EXERCISE: What lines in this listing contain the string "surface"? Report each one by copying it.

• • • • • • •

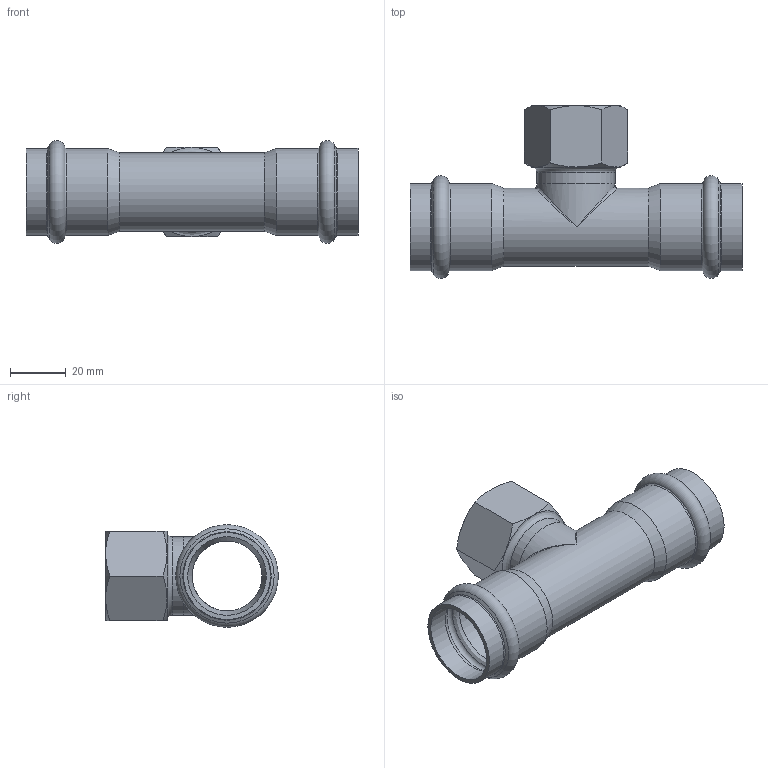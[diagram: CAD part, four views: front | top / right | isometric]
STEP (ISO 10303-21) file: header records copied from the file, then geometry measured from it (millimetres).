
FILE_DESCRIPTION((''),'2;1');
FILE_NAME('G:\Nirosan-Schmiedefeld\Technics\CAD\Bauteile VA\028\69130G283428(3).stp','2011-10-10T15:32:42',('herberg'),(''),'Autodesk Inventor 2009','Autodesk Inventor 2009','');
FILE_SCHEMA(('AUTOMOTIVE_DESIGN { 1 0 10303 214 1 1 1 1 }'));
Length unit declared in the file: millimetre
Products named in the file (3): 69130G283428(2); LM_6913028(1); IG2834(1)
Assembly tree (2 placements, depth 2):
  69130G283428(2)
    LM_6913028(1)
    IG2834(1)
Bounding box: 119 x 61.89 x 36.79 mm (x, y, z)
Volume: 26754.9 mm3; surface area: 28408.4 mm2
Topology: 2 solids, 2 shells, 65 faces, 147 edges, 79 vertices
Faces by surface type: cone 21, bspline 16, cylinder 13, plane 11, torus 4
Full cylindrical faces by diameter (mm): 25 x2, 28 x3, 28.2 x4, 31.2 x4
Entity records: 2561 total; most frequent: CARTESIAN_POINT 1375, DIRECTION 236, ORIENTED_EDGE 182, AXIS2_PLACEMENT_3D 115, EDGE_LOOP 110, EDGE_CURVE 91, VERTEX_POINT 69, FACE_OUTER_BOUND 65
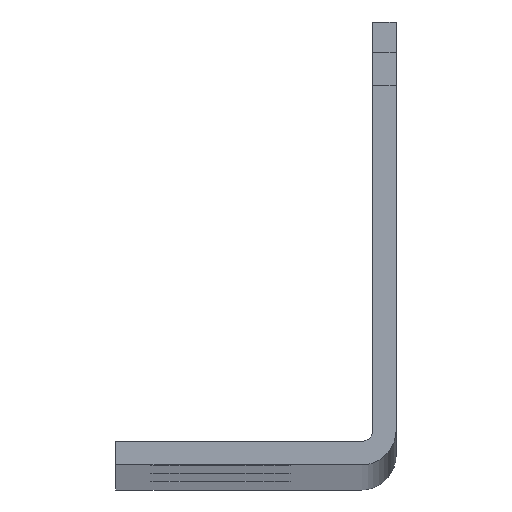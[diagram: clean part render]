
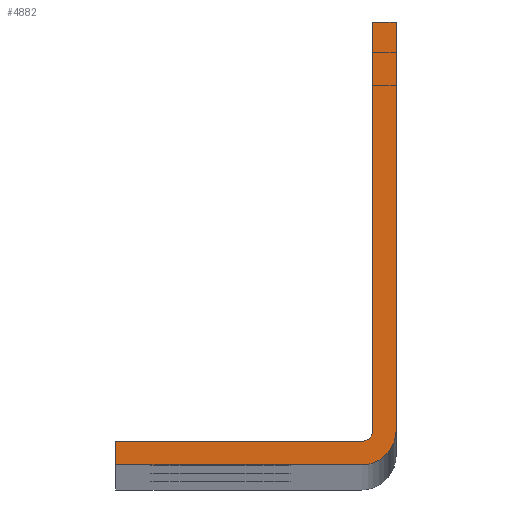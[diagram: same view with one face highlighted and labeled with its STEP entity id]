
A CAD part, top view. The second image highlights one B-rep face of the part: STEP entity #4882.
In plain terms, the highlighted planar face has unit normal (0, 0, 1).
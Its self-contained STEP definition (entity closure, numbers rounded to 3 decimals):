
#238=LINE('',#7483,#466);
#287=LINE('',#7935,#515);
#306=LINE('',#8133,#534);
#307=LINE('',#8137,#535);
#308=LINE('',#8140,#536);
#309=LINE('',#8142,#537);
#466=VECTOR('',#5987,1000.);
#515=VECTOR('',#6390,1000.);
#534=VECTOR('',#6703,1000.);
#535=VECTOR('',#6706,1000.);
#536=VECTOR('',#6709,1000.);
#537=VECTOR('',#6710,1000.);
#1376=ORIENTED_EDGE('',*,*,#2316,.F.);
#1377=ORIENTED_EDGE('',*,*,#2317,.F.);
#1378=ORIENTED_EDGE('',*,*,#2056,.F.);
#1379=ORIENTED_EDGE('',*,*,#2318,.T.);
#1380=ORIENTED_EDGE('',*,*,#2281,.T.);
#1381=ORIENTED_EDGE('',*,*,#2319,.T.);
#1382=ORIENTED_EDGE('',*,*,#2320,.T.);
#1383=ORIENTED_EDGE('',*,*,#2321,.T.);
#2056=EDGE_CURVE('',#2656,#2657,#238,.T.);
#2281=EDGE_CURVE('',#2882,#2880,#287,.T.);
#2316=EDGE_CURVE('',#2914,#2915,#306,.T.);
#2317=EDGE_CURVE('',#2657,#2914,#3304,.T.);
#2318=EDGE_CURVE('',#2656,#2882,#307,.T.);
#2319=EDGE_CURVE('',#2880,#2916,#3305,.F.);
#2320=EDGE_CURVE('',#2916,#2917,#308,.T.);
#2321=EDGE_CURVE('',#2917,#2915,#309,.T.);
#2656=VERTEX_POINT('',#7484);
#2657=VERTEX_POINT('',#7485);
#2880=VERTEX_POINT('',#7933);
#2882=VERTEX_POINT('',#7936);
#2914=VERTEX_POINT('',#8134);
#2915=VERTEX_POINT('',#8135);
#2916=VERTEX_POINT('',#8139);
#2917=VERTEX_POINT('',#8141);
#3304=CIRCLE('',#5496,4.699);
#3305=CIRCLE('',#5497,1.524);
#3881=EDGE_LOOP('',(#1376,#1377,#1378,#1379,#1380,#1381,#1382,#1383));
#4565=FACE_BOUND('',#3881,.T.);
#4693=PLANE('',#5495);
#4882=ADVANCED_FACE('',(#4565),#4693,.T.);
#5495=AXIS2_PLACEMENT_3D('',#8132,#6701,#6702);
#5496=AXIS2_PLACEMENT_3D('',#8136,#6704,#6705);
#5497=AXIS2_PLACEMENT_3D('',#8138,#6707,#6708);
#5987=DIRECTION('',(0.,-1.,0.));
#6390=DIRECTION('',(0.,-1.,0.));
#6701=DIRECTION('',(0.,0.,1.));
#6702=DIRECTION('',(1.,0.,0.));
#6703=DIRECTION('',(-1.,0.,0.));
#6704=DIRECTION('',(0.,0.,-1.));
#6705=DIRECTION('',(0.,1.,0.));
#6706=DIRECTION('',(-1.,0.,0.));
#6707=DIRECTION('',(0.,0.,1.));
#6708=DIRECTION('',(1.,0.,0.));
#6709=DIRECTION('',(-1.,0.,0.));
#6710=DIRECTION('',(0.,-1.,0.));
#7483=CARTESIAN_POINT('',(19.05,2.806,977.9));
#7484=CARTESIAN_POINT('',(19.05,60.223,977.9));
#7485=CARTESIAN_POINT('',(19.05,4.699,977.9));
#7933=CARTESIAN_POINT('',(15.875,4.699,977.9));
#7935=CARTESIAN_POINT('',(15.875,2.806,977.9));
#7936=CARTESIAN_POINT('',(15.875,60.223,977.9));
#8132=CARTESIAN_POINT('',(19.05,3.175,977.9));
#8133=CARTESIAN_POINT('',(19.05,0.,977.9));
#8134=CARTESIAN_POINT('',(14.351,0.,977.9));
#8135=CARTESIAN_POINT('',(-19.05,0.,977.9));
#8136=CARTESIAN_POINT('',(14.351,4.699,977.9));
#8137=CARTESIAN_POINT('',(19.05,60.223,977.9));
#8138=CARTESIAN_POINT('',(14.351,4.699,977.9));
#8139=CARTESIAN_POINT('',(14.351,3.175,977.9));
#8140=CARTESIAN_POINT('',(19.05,3.175,977.9));
#8141=CARTESIAN_POINT('',(-19.05,3.175,977.9));
#8142=CARTESIAN_POINT('',(-19.05,3.175,977.9));
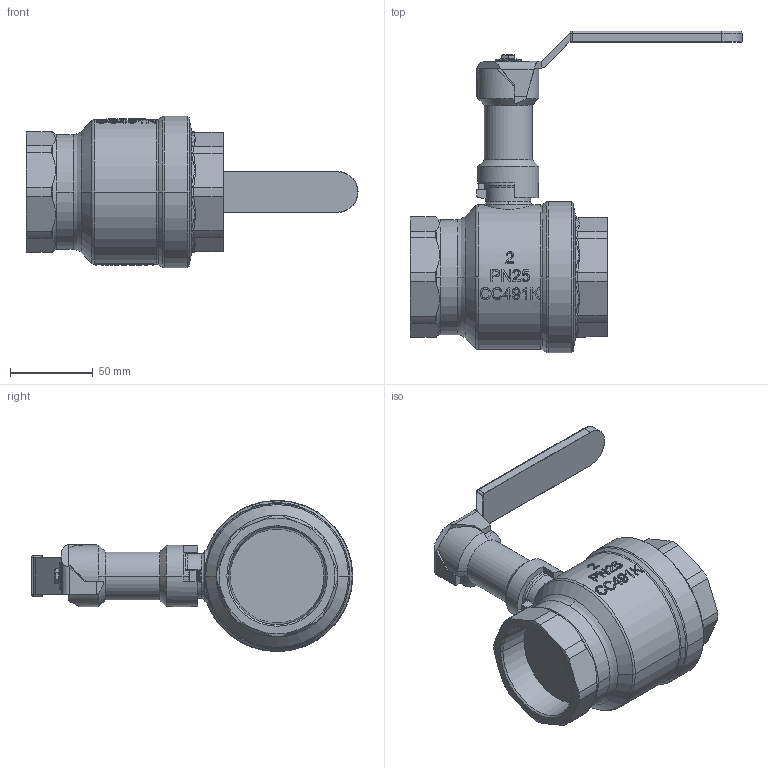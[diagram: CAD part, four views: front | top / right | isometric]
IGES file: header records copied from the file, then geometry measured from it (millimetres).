
Global section: file name: No Iges File Name specified; native system: AutoDesk Inventor R12.0; preprocessor: AutoDesk Inventor Iges Exporter R12.0; date: 20110214.125641; units: millimetre
Bounding box: 200.75 x 194.42 x 91.5 mm (x, y, z)
Volume: 593252 mm3; surface area: 76995.9 mm2
Topology: 1 solids, 1 shells, 1354 faces, 3770 edges, 2472 vertices
Faces by surface type: plane 735, bspline 402, cylinder 88, cone 64, revolution 45, torus 18, sphere 2

• • • • • • •

WRITTEN ANSWER:
Volume: 26754.9 mm3; surface area: 28408.4 mm2
Faces by surface type: cone 21, bspline 16, cylinder 13, plane 11, torus 4
Volume: 593252 mm3; surface area: 76995.9 mm2
Faces by surface type: plane 735, bspline 402, cylinder 88, cone 64, revolution 45, torus 18, sphere 2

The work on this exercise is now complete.